(Extracted records)
────────────────────────────────────────

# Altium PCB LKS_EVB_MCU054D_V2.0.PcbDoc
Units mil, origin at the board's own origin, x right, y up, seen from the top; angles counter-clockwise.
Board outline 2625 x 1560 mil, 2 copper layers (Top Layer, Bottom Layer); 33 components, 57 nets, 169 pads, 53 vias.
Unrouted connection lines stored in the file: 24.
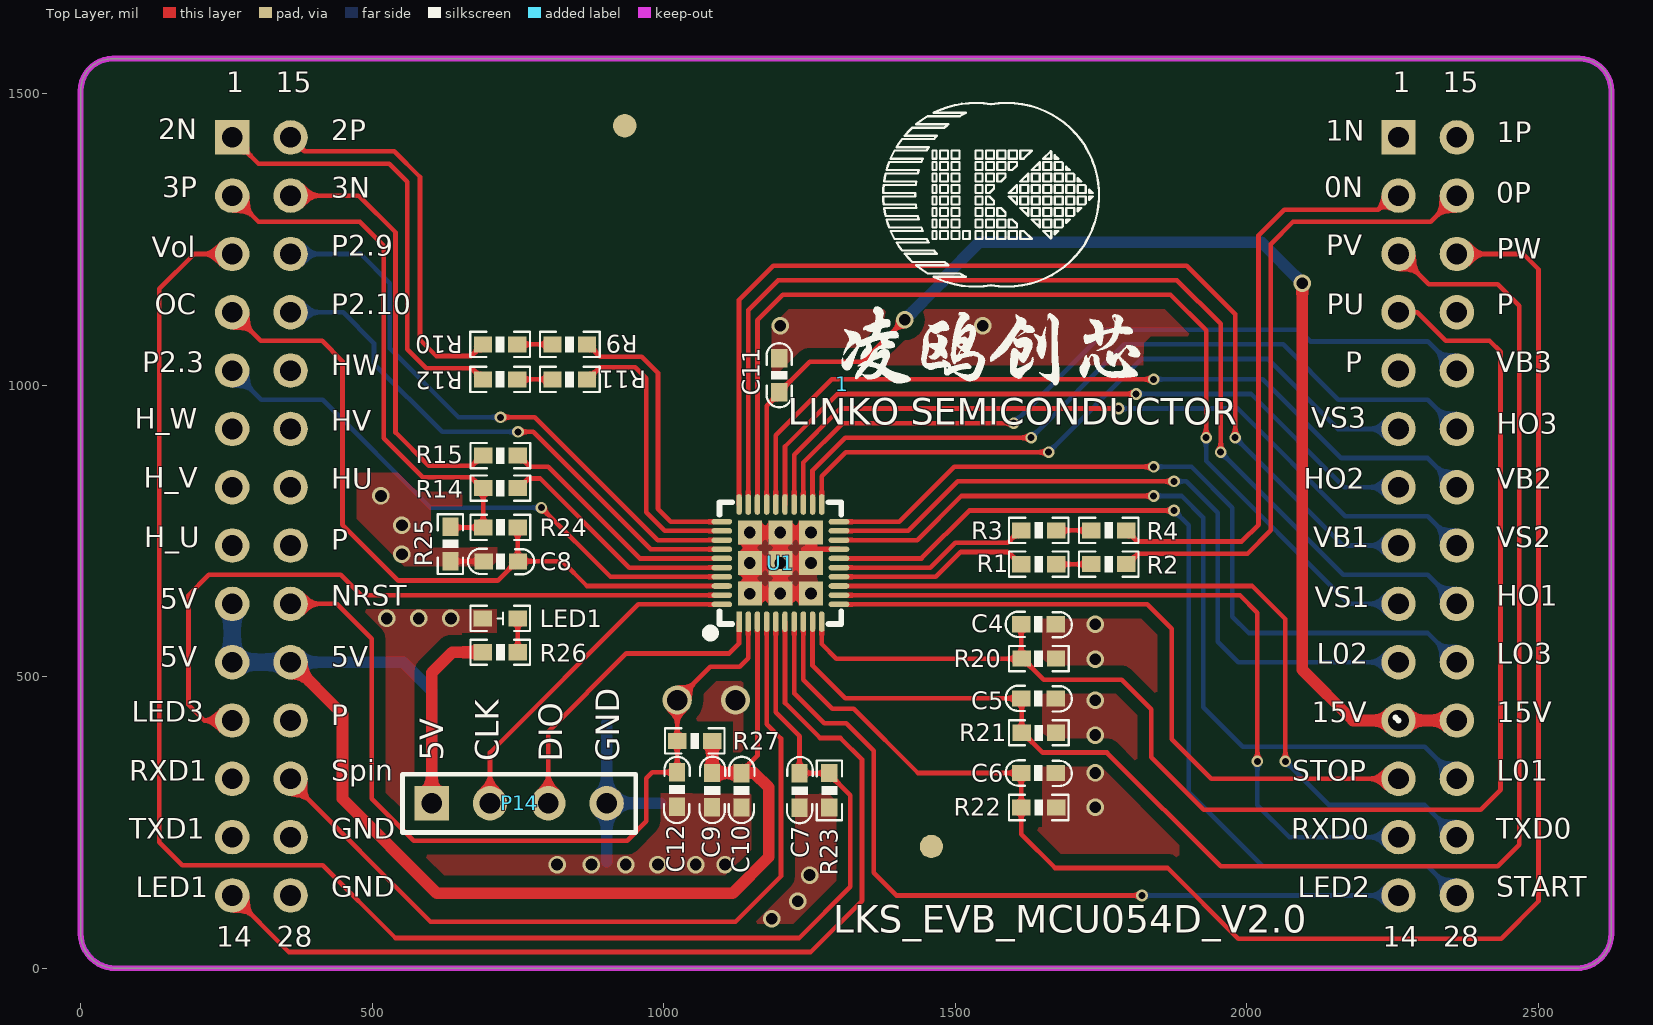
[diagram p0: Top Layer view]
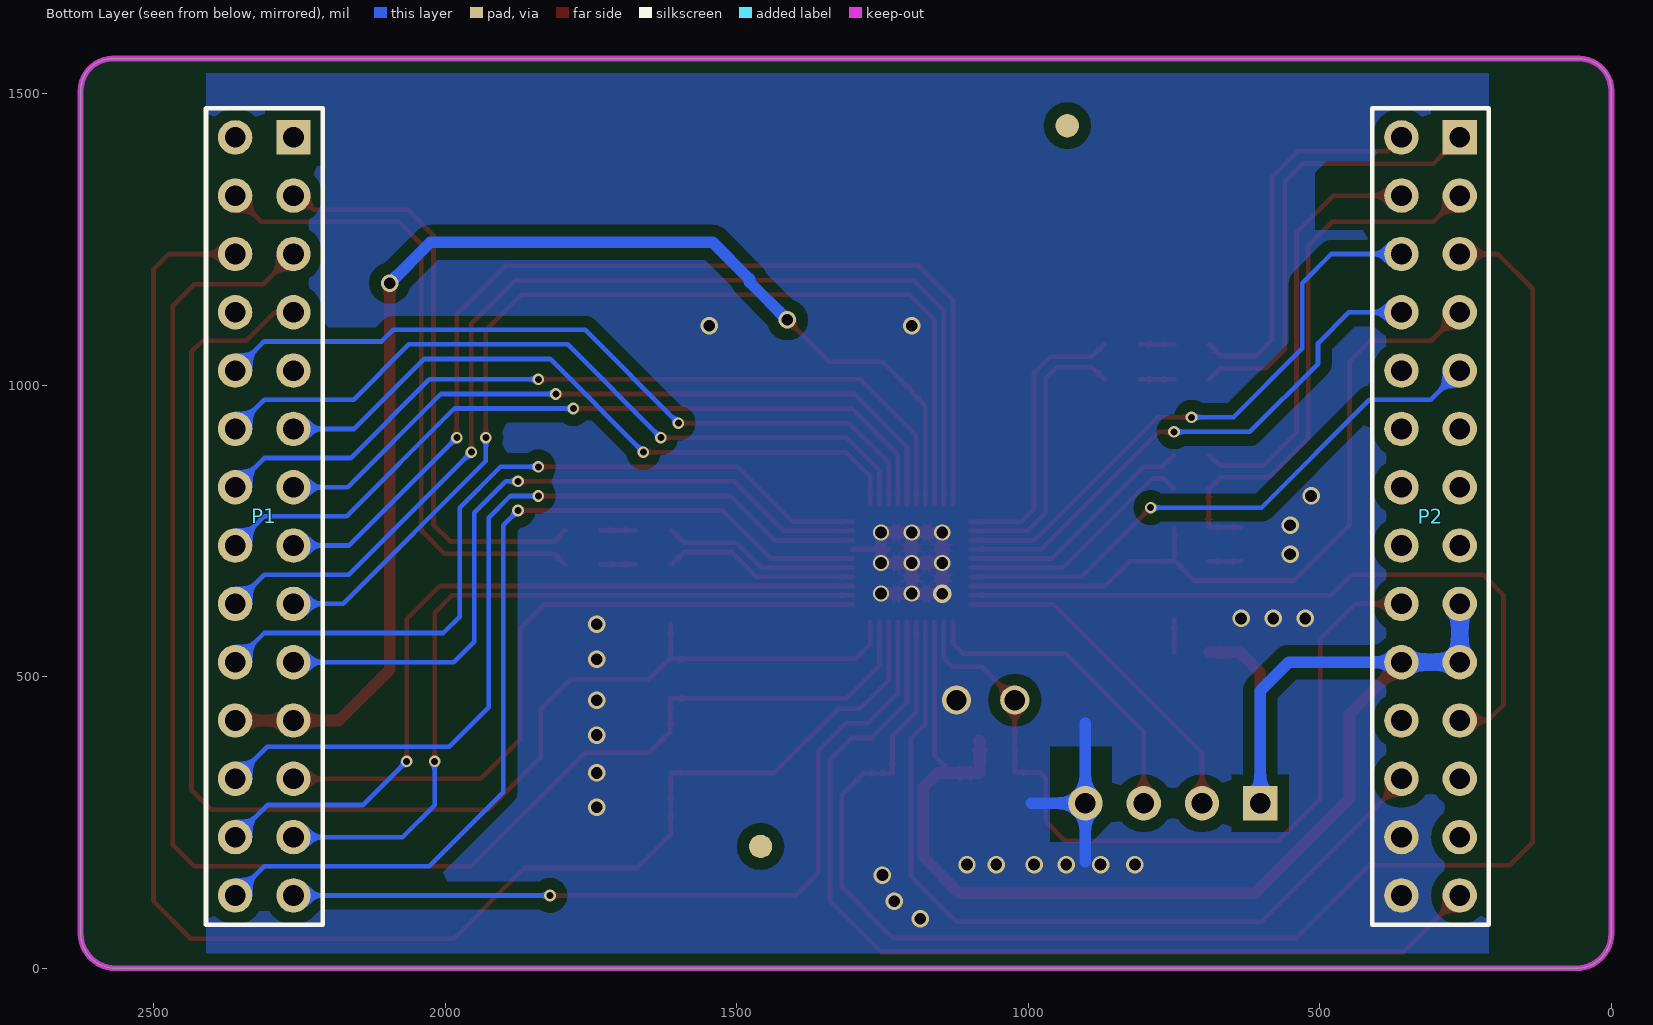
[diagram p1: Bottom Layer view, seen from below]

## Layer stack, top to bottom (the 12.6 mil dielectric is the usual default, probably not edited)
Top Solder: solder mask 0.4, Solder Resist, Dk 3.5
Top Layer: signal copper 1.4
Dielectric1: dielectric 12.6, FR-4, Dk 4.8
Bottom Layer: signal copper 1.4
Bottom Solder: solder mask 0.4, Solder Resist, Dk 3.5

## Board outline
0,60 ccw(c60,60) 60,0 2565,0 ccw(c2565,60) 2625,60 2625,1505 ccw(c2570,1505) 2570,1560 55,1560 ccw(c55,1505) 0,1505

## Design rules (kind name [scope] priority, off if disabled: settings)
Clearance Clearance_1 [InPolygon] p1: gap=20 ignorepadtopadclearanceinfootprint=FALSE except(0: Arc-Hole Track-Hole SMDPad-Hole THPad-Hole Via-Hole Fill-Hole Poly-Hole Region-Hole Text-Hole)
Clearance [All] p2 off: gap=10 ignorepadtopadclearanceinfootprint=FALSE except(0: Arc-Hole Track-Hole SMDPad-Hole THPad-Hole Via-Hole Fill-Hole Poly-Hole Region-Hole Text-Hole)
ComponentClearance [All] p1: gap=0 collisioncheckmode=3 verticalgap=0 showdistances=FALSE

────────────────────────────────────────

- _WHAT THE EXERCISE ASKS_:
From the first line of the entries above down to the line holding "[diagram p1: Bottom", quote each line exactly and nothing else, skipping pictures.

- _WRITTEN SOLUTION_:
# Altium PCB LKS_EVB_MCU054D_V2.0.PcbDoc
Units mil, origin at the board's own origin, x right, y up, seen from the top; angles counter-clockwise.
Board outline 2625 x 1560 mil, 2 copper layers (Top Layer, Bottom Layer); 33 components, 57 nets, 169 pads, 53 vias.
Unrouted connection lines stored in the file: 24.
[diagram p0: Top Layer view]
[diagram p1: Bottom Layer view, seen from below]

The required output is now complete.